Apart from the images, the entire listing below must be restated word for word.

#### Data to examine:
_ _ _ _ _

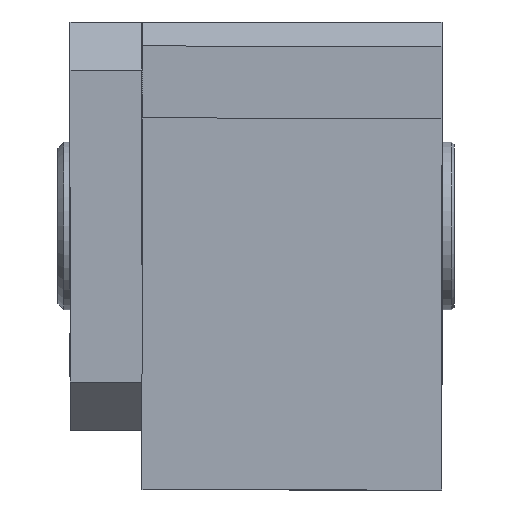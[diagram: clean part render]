
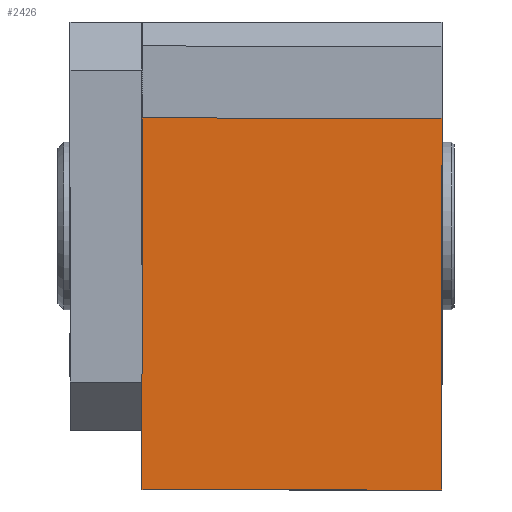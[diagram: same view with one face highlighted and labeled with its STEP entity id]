
A CAD part, left-side view. The second image highlights one B-rep face of the part: STEP entity #2426.
In plain terms, the highlighted planar face has unit normal (-1, 0, 0).
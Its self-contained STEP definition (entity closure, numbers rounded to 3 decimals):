
#260=PLANE('',#2782);
#372=FACE_OUTER_BOUND('',#563,.T.);
#563=EDGE_LOOP('',(#2138,#2139,#2140,#2141));
#654=LINE('',#3794,#802);
#685=LINE('',#4107,#833);
#707=LINE('',#4392,#855);
#725=LINE('',#4829,#873);
#802=VECTOR('',#3064,10.);
#833=VECTOR('',#3201,10.);
#855=VECTOR('',#3317,10.);
#873=VECTOR('',#3407,10.);
#1111=VERTEX_POINT('',#3791);
#1112=VERTEX_POINT('',#3793);
#1164=VERTEX_POINT('',#4104);
#1165=VERTEX_POINT('',#4106);
#1369=EDGE_CURVE('',#1112,#1111,#654,.T.);
#1439=EDGE_CURVE('',#1164,#1165,#685,.T.);
#1498=EDGE_CURVE('',#1112,#1164,#707,.T.);
#1547=EDGE_CURVE('',#1111,#1165,#725,.T.);
#2138=ORIENTED_EDGE('',*,*,#1369,.T.);
#2139=ORIENTED_EDGE('',*,*,#1547,.T.);
#2140=ORIENTED_EDGE('',*,*,#1439,.F.);
#2141=ORIENTED_EDGE('',*,*,#1498,.F.);
#2426=ADVANCED_FACE('',(#372),#260,.T.);
#2782=AXIS2_PLACEMENT_3D('',#4830,#3408,#3409);
#3064=DIRECTION('',(0.,-1.,0.));
#3201=DIRECTION('',(0.,-1.,0.));
#3317=DIRECTION('',(0.,0.,1.));
#3407=DIRECTION('',(0.,0.,1.));
#3408=DIRECTION('center_axis',(-1.,0.,0.));
#3409=DIRECTION('ref_axis',(0.,-1.,0.));
#3791=CARTESIAN_POINT('',(-30.,0.,0.));
#3793=CARTESIAN_POINT('',(-30.,31.,0.));
#3794=CARTESIAN_POINT('',(-30.,31.,0.));
#4104=CARTESIAN_POINT('',(-30.,31.,25.));
#4106=CARTESIAN_POINT('',(-30.,0.,25.));
#4107=CARTESIAN_POINT('',(-30.,31.,25.));
#4392=CARTESIAN_POINT('',(-30.,31.,0.));
#4829=CARTESIAN_POINT('',(-30.,0.,0.));
#4830=CARTESIAN_POINT('Origin',(-30.,31.,0.));

_ _ _ _ _

#### Exercise response:
[diagram: clean part render]
[diagram: same view with one face highlighted and labeled with its STEP entity id]
A CAD part, left-side view. The second image highlights one B-rep face of the part: STEP entity #2426.
In plain terms, the highlighted planar face has unit normal (-1, 0, 0).
Its self-contained STEP definition (entity closure, numbers rounded to 3 decimals):
#260=PLANE('',#2782);
#372=FACE_OUTER_BOUND('',#563,.T.);
#563=EDGE_LOOP('',(#2138,#2139,#2140,#2141));
#654=LINE('',#3794,#802);
#685=LINE('',#4107,#833);
#707=LINE('',#4392,#855);
#725=LINE('',#4829,#873);
#802=VECTOR('',#3064,10.);
#833=VECTOR('',#3201,10.);
#855=VECTOR('',#3317,10.);
#873=VECTOR('',#3407,10.);
#1111=VERTEX_POINT('',#3791);
#1112=VERTEX_POINT('',#3793);
#1164=VERTEX_POINT('',#4104);
#1165=VERTEX_POINT('',#4106);
#1369=EDGE_CURVE('',#1112,#1111,#654,.T.);
#1439=EDGE_CURVE('',#1164,#1165,#685,.T.);
#1498=EDGE_CURVE('',#1112,#1164,#707,.T.);
#1547=EDGE_CURVE('',#1111,#1165,#725,.T.);
#2138=ORIENTED_EDGE('',*,*,#1369,.T.);
#2139=ORIENTED_EDGE('',*,*,#1547,.T.);
#2140=ORIENTED_EDGE('',*,*,#1439,.F.);
#2141=ORIENTED_EDGE('',*,*,#1498,.F.);
#2426=ADVANCED_FACE('',(#372),#260,.T.);
#2782=AXIS2_PLACEMENT_3D('',#4830,#3408,#3409);
#3064=DIRECTION('',(0.,-1.,0.));
#3201=DIRECTION('',(0.,-1.,0.));
#3317=DIRECTION('',(0.,0.,1.));
#3407=DIRECTION('',(0.,0.,1.));
#3408=DIRECTION('center_axis',(-1.,0.,0.));
#3409=DIRECTION('ref_axis',(0.,-1.,0.));
#3791=CARTESIAN_POINT('',(-30.,0.,0.));
#3793=CARTESIAN_POINT('',(-30.,31.,0.));
#3794=CARTESIAN_POINT('',(-30.,31.,0.));
#4104=CARTESIAN_POINT('',(-30.,31.,25.));
#4106=CARTESIAN_POINT('',(-30.,0.,25.));
#4107=CARTESIAN_POINT('',(-30.,31.,25.));
#4392=CARTESIAN_POINT('',(-30.,31.,0.));
#4829=CARTESIAN_POINT('',(-30.,0.,0.));
#4830=CARTESIAN_POINT('Origin',(-30.,31.,0.));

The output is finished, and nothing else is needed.